The relationship between BP and GON has also been studied [2, 21,22,23,24,25]. Although arterial hypertension, like other classical vascular risk factors (such as dyslipidemia and diabetes mellitus), is associated with elevated IOP [21, 22], it is rather low BP that represents a direct risk for GON. Low BP and low perfusion pressure are well-studied risk factors for the occurrence and progression of GON [2, 23,24,25,26,27,28]. Increased blood flow fluctuation, for example due to over-dipping at night, is particularly relevant to GON [23, 28] as this leads to instable oxygen supply increasing oxidative stress [29]. In this study, however, we measured BP only once, before the capillaroscopy with a cold provocation was done.

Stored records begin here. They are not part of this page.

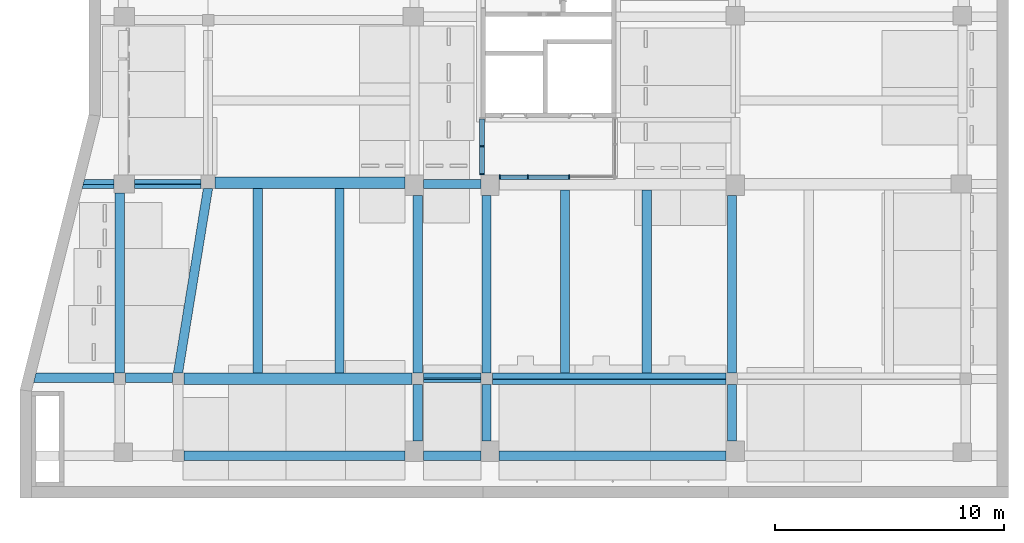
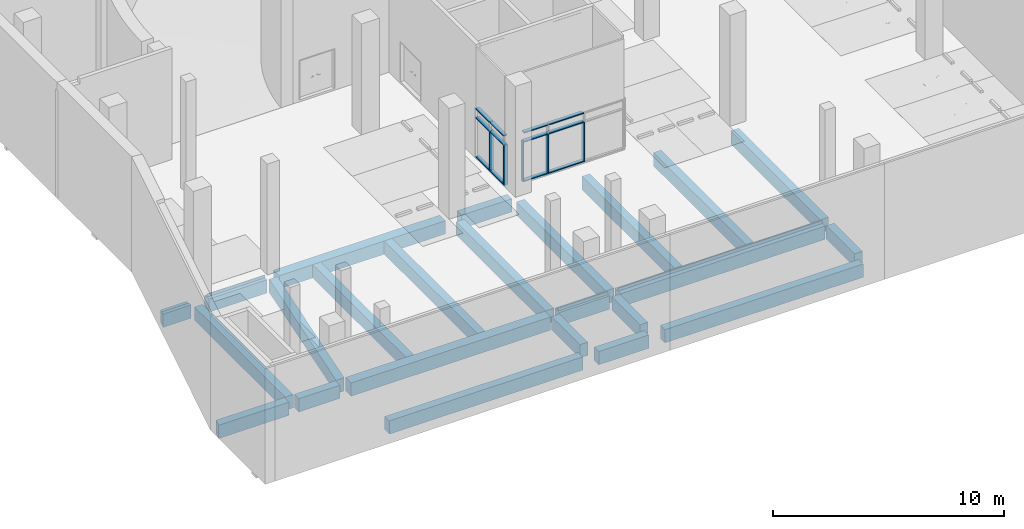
# One storey, part 2 of 29: 24 beams, 17 members, 2 elements without a shape of their own.
"""IFC2X3 building model written with IfcOpenShell, lengths in millimetres."""

from ifc_helpers import new_model, entity, si_unit, converted_unit, derived_unit, direction, frame, frame_2d, origin, origin_2d_with_axis, place, context, subcontext, project, spatial, polyline, rectangle, outline, extrude, clip, halfspace, source, transform, mapped, material, material_list, type_object, type_shapes, element, aggregate, save


model = new_model("IFC2X3")

# Units and contexts
model_context = context("Model", 3, precision=0.01, world=origin(), true_north=direction((6.123031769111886e-17, 1.0)))
body_context = subcontext(model_context, "Body", "Model", "MODEL_VIEW")
ifc_project = project(units=[si_unit("LENGTHUNIT", "METRE", prefix="MILLI"), si_unit("AREAUNIT", "SQUARE_METRE"), si_unit("VOLUMEUNIT", "CUBIC_METRE"), converted_unit("PLANEANGLEUNIT", "DEGREE", entity("IfcRatioMeasure", 0.017453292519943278), si_unit("PLANEANGLEUNIT", "RADIAN"), dimensions=[0, 0, 0, 0, 0, 0, 0]), si_unit("MASSUNIT", "GRAM", prefix="KILO"), derived_unit("MASSDENSITYUNIT", [(si_unit("MASSUNIT", "GRAM", prefix="KILO"), 1), (si_unit("LENGTHUNIT", "METRE"), -3)]), derived_unit("MOMENTOFINERTIAUNIT", [(si_unit("LENGTHUNIT", "METRE"), 4)]), si_unit("TIMEUNIT", "SECOND"), si_unit("FREQUENCYUNIT", "HERTZ"), si_unit("THERMODYNAMICTEMPERATUREUNIT", "DEGREE_CELSIUS"), derived_unit("THERMALTRANSMITTANCEUNIT", [(si_unit("MASSUNIT", "GRAM", prefix="KILO"), 1), (si_unit("THERMODYNAMICTEMPERATUREUNIT", "KELVIN"), -1), (si_unit("TIMEUNIT", "SECOND"), -3)]), derived_unit("VOLUMETRICFLOWRATEUNIT", [(si_unit("LENGTHUNIT", "METRE"), 3), (si_unit("TIMEUNIT", "SECOND"), -1)]), derived_unit("MASSFLOWRATEUNIT", [(si_unit("MASSUNIT", "GRAM", prefix="KILO"), 1), (si_unit("TIMEUNIT", "SECOND"), -1)]), derived_unit("ROTATIONALFREQUENCYUNIT", [(si_unit("TIMEUNIT", "SECOND"), -1)]), si_unit("ELECTRICCURRENTUNIT", "AMPERE"), si_unit("ELECTRICVOLTAGEUNIT", "VOLT"), si_unit("POWERUNIT", "WATT"), si_unit("FORCEUNIT", "NEWTON", prefix="KILO"), si_unit("ILLUMINANCEUNIT", "LUX"), si_unit("LUMINOUSFLUXUNIT", "LUMEN"), si_unit("LUMINOUSINTENSITYUNIT", "CANDELA"), derived_unit("USERDEFINED", [(si_unit("MASSUNIT", "GRAM", prefix="KILO"), -1), (si_unit("LENGTHUNIT", "METRE"), -2), (si_unit("TIMEUNIT", "SECOND"), 3), (si_unit("LUMINOUSFLUXUNIT", "LUMEN"), 1)]), derived_unit("SOUNDPOWERUNIT", [(si_unit("MASSUNIT", "GRAM", prefix="KILO"), 1), (si_unit("LENGTHUNIT", "METRE"), 2), (si_unit("TIMEUNIT", "SECOND"), -3)]), derived_unit("SOUNDPRESSUREUNIT", [(si_unit("MASSUNIT", "GRAM", prefix="KILO"), 1), (si_unit("LENGTHUNIT", "METRE"), -1), (si_unit("TIMEUNIT", "SECOND"), -2)]), derived_unit("LINEARVELOCITYUNIT", [(si_unit("LENGTHUNIT", "METRE"), 1), (si_unit("TIMEUNIT", "SECOND"), -1)]), si_unit("PRESSUREUNIT", "PASCAL"), derived_unit("USERDEFINED", [(si_unit("LENGTHUNIT", "METRE"), -2), (si_unit("MASSUNIT", "GRAM", prefix="KILO"), 1), (si_unit("TIMEUNIT", "SECOND"), -2)]), derived_unit("LINEARFORCEUNIT", [(si_unit("MASSUNIT", "GRAM", prefix="KILO"), 1), (si_unit("LENGTHUNIT", "METRE"), 1), (si_unit("TIMEUNIT", "SECOND"), -2), (si_unit("LENGTHUNIT", "METRE"), -1)]), derived_unit("PLANARFORCEUNIT", [(si_unit("MASSUNIT", "GRAM", prefix="KILO"), 1), (si_unit("LENGTHUNIT", "METRE"), 1), (si_unit("TIMEUNIT", "SECOND"), -2), (si_unit("LENGTHUNIT", "METRE"), -2)])], contexts=[model_context])

# Site, building, storey
site_placement = place(None, frame((-14167.972527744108, -657.2125860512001, 0.0)))
site = spatial("IfcSite", under=ifc_project, at=site_placement, Name="Default", CompositionType="ELEMENT")
building_placement = place(site_placement, origin())
building = spatial("IfcBuilding", under=site, at=building_placement, Name="Sample Building", CompositionType="ELEMENT")
storey_placement = place(building_placement, frame((0.0, 0.0, -6100.0)))
storey = spatial("IfcBuildingStorey", under=building, at=storey_placement, Name="지하1층", CompositionType="ELEMENT", Elevation=-6099.999999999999)

# Curtain wall, members
curtain_wall_type = type_object("IfcCurtainWallType", Name="커튼월:CW112-스테인리스 스틸 커튼월", PredefinedType="NOTDEFINED")
curtain_wall_1_placement = place(storey_placement, frame((0.0, 0.0, 6100.0)))
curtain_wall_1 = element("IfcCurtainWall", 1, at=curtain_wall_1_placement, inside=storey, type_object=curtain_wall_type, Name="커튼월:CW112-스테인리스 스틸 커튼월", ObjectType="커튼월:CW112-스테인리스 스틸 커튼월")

Although primary vascular dysregulation and low BP are risk factors that contribute independently to GON [7], the prevalence of these factors is interrelated, an observation confirmed in this study. Patients with Flammer syndrome not only have lower BP on average [30] but also higher retinal venous pressure [31], further reducing perfusion pressure. Unfortunately, patients included in this study had no measurements of retinal venous pressure. Subjects with Flammer syndrome also more often have optic nerve compartment syndrome [32], and they respond well to low doses of calcium channel blockers [32, 33]. Future prospective studies should take all these relevant parameters into account in order to see the relationships among them and GON.

In glaucoma, especially in NTG patients with Flammer syndrome as well as in glaucoma patients progressing despite a normalized IOP, measuring of BP and quantification of regulation of blood flow are important diagnostics. Both factors are in themselves and even more in their combination risk indicators for the development of future glaucoma losses. This makes them important therapeutic targets and enables individual, personalized treatment.

Conclusion

In glaucoma patients, vascular dysregulation (as defined by nailfold capillaroscopy response to cold provocation) and low BP are statistically related. This is in line with the observation that subjects with Flammer syndrome have both primary vascular dysregulation and low BP and that Flammer syndrome is a risk factor for GON, at least in NTG patients. Examining vascular aspects in glaucoma patients, such as BP and quantification of regulation of blood flow, may lead to a more efficient treatment tailored to the patient and prevent progression of glaucoma damage, especially in NTG patients. Targeted predictive vascular diagnostics may lead to better recognition of patients with increased risk. This may ultimately lead to a more personalized treatment.